Claims for Additional Time.

4.3.7.1 If the Contractor wishes to make Claim for an increase in the Contract Time, written notice as provided herein shall be given. The Contractors Claim shall include an estimate of cost and of probable effect of delay on progress of the Work. In the case of a continuing delay only one Claim is necessary. 4.3.7.2 If adverse weather conditions are the basis for a Claim for additional time, such Claim shall be documented by data substantiating that weather conditions were abnormal for the period of time, could not have been reasonably anticipated, and had an adverse effect on the scheduled construction. These notice requirements, much like the requirement of a written change order, are often strictly followed by Pennsylvania courts. In Central Penn Indus., Inc. v. Commonwealth of Pennsylvania, 25 Pa. Commw. 25, 358 A.2d 445 (1976), a highway contractor sued the Commonwealth for extra compensation after performing more excavation than anticipated. The court denied recovery of the claim in part because the contractor wholly failed to give notice that it would make a claim for this additional work. As the Court said: . . . Section 1.9.9 [requiring written notice of claims] is there, and it is not our function to rewrite the contract. Id.
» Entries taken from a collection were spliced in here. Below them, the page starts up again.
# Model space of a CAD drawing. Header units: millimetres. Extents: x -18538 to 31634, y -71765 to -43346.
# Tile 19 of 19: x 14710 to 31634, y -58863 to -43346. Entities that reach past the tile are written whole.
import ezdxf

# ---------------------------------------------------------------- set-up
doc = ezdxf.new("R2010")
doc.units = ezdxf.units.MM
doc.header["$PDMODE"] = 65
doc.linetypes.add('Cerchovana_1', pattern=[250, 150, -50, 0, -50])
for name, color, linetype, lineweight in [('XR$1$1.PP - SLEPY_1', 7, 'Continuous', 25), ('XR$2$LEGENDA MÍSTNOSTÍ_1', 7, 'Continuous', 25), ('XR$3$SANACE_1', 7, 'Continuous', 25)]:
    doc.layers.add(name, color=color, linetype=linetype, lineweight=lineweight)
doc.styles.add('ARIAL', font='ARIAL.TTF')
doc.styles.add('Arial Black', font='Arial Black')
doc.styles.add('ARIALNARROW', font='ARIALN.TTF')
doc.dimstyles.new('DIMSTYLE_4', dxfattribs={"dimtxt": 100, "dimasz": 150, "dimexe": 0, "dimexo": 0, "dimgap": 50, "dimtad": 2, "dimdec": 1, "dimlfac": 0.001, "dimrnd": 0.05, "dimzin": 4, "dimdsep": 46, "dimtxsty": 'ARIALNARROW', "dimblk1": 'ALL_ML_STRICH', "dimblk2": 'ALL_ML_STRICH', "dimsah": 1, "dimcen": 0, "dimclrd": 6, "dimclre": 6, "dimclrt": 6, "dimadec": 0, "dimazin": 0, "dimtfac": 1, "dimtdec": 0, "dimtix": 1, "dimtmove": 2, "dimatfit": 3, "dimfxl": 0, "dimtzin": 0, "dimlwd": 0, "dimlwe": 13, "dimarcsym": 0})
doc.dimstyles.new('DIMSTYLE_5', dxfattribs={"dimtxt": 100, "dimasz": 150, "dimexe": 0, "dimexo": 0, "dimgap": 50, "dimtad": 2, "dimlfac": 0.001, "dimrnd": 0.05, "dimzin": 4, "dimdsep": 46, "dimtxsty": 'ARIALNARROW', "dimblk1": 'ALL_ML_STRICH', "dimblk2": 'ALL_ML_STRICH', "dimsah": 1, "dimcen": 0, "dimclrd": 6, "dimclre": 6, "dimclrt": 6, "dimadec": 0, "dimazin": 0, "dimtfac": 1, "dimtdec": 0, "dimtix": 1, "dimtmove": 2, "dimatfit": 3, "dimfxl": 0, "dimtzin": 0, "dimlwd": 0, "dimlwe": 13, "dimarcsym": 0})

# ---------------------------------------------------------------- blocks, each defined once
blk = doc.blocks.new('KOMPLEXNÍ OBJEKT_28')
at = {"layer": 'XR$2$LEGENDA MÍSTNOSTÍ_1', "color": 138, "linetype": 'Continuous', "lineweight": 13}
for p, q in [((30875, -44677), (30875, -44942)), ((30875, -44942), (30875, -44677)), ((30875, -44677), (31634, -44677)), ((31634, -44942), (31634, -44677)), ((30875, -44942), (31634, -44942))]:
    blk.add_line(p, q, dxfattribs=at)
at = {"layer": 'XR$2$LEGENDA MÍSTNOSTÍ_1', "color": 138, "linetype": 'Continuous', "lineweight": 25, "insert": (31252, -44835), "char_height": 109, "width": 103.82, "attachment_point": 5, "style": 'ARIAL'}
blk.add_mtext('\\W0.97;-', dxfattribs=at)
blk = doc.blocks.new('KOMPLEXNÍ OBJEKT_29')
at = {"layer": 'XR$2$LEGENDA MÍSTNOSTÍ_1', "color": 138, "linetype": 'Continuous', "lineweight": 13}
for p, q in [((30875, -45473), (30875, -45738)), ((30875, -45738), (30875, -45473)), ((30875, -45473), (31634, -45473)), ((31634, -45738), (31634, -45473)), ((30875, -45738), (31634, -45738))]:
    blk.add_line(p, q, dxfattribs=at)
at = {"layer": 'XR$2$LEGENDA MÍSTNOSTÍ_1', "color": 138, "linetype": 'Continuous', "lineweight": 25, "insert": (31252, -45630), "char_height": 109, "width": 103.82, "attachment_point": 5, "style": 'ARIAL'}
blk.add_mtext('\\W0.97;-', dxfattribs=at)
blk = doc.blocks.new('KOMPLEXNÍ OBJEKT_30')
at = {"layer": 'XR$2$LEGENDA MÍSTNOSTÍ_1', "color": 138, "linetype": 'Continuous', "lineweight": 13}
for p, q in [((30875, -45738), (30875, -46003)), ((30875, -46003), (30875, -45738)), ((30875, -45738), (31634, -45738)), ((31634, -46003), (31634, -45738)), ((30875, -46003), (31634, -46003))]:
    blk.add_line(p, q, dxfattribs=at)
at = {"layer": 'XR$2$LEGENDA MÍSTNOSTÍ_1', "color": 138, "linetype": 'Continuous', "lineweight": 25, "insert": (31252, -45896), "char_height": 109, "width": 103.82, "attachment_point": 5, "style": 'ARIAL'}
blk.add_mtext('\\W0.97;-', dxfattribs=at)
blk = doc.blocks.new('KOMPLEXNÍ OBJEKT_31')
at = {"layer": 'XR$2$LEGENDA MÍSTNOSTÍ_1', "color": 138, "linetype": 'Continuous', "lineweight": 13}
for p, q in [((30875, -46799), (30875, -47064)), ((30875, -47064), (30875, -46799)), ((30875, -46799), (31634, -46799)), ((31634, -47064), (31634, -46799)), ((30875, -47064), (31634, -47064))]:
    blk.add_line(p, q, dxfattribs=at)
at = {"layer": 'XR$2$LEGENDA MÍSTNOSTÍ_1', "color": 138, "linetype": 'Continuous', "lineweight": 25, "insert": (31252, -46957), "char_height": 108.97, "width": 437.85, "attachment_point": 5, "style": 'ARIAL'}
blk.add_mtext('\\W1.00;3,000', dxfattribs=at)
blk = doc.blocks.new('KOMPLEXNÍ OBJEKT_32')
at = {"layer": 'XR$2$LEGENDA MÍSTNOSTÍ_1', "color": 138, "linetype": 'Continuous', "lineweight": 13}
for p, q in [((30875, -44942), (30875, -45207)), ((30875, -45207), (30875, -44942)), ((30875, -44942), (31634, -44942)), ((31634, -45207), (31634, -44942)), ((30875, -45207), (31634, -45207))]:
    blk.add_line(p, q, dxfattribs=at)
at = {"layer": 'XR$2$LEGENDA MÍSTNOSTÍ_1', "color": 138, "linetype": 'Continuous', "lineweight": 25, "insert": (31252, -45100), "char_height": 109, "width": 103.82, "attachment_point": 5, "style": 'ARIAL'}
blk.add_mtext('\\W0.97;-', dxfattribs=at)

4. Different Types of Constructive Changes a. Defective Plans and Specifications

A classic type of constructive change may arise from contract plans and specifications which are considered defective or ambiguous. Any changes to the contract work caused by such plans and specifications constitute a constructive change and, generally, the law is that an owner impliedly warrants the suitability of the plans and specifications. See United States v. Spearin, 248 U.S. 132 (1918). If they are not clearly ambiguous - that is if a contractor is reasonably interpreting them - the contractor may recover the extra costs resulting from the unclear plans and specifications. On the other hand, if the plans and specifications are patently unclear, the contractor is expected to detect this problem and seek clarification before the contract is executed. A subsidiary rule is that ambiguous plans and specifications may be construed against the party who drafted them (the owner). As one Pennsylvania court expressed the rule, where [t]he contract was the [owners] own form, its language is to be construed most strongly against [the owner]. Housing Authority of City of Pittsburgh v. Sanctis Construction Co., Inc., 158 Pa. Super. 71, 74-75, 43 A.2d 581, 583 (1945).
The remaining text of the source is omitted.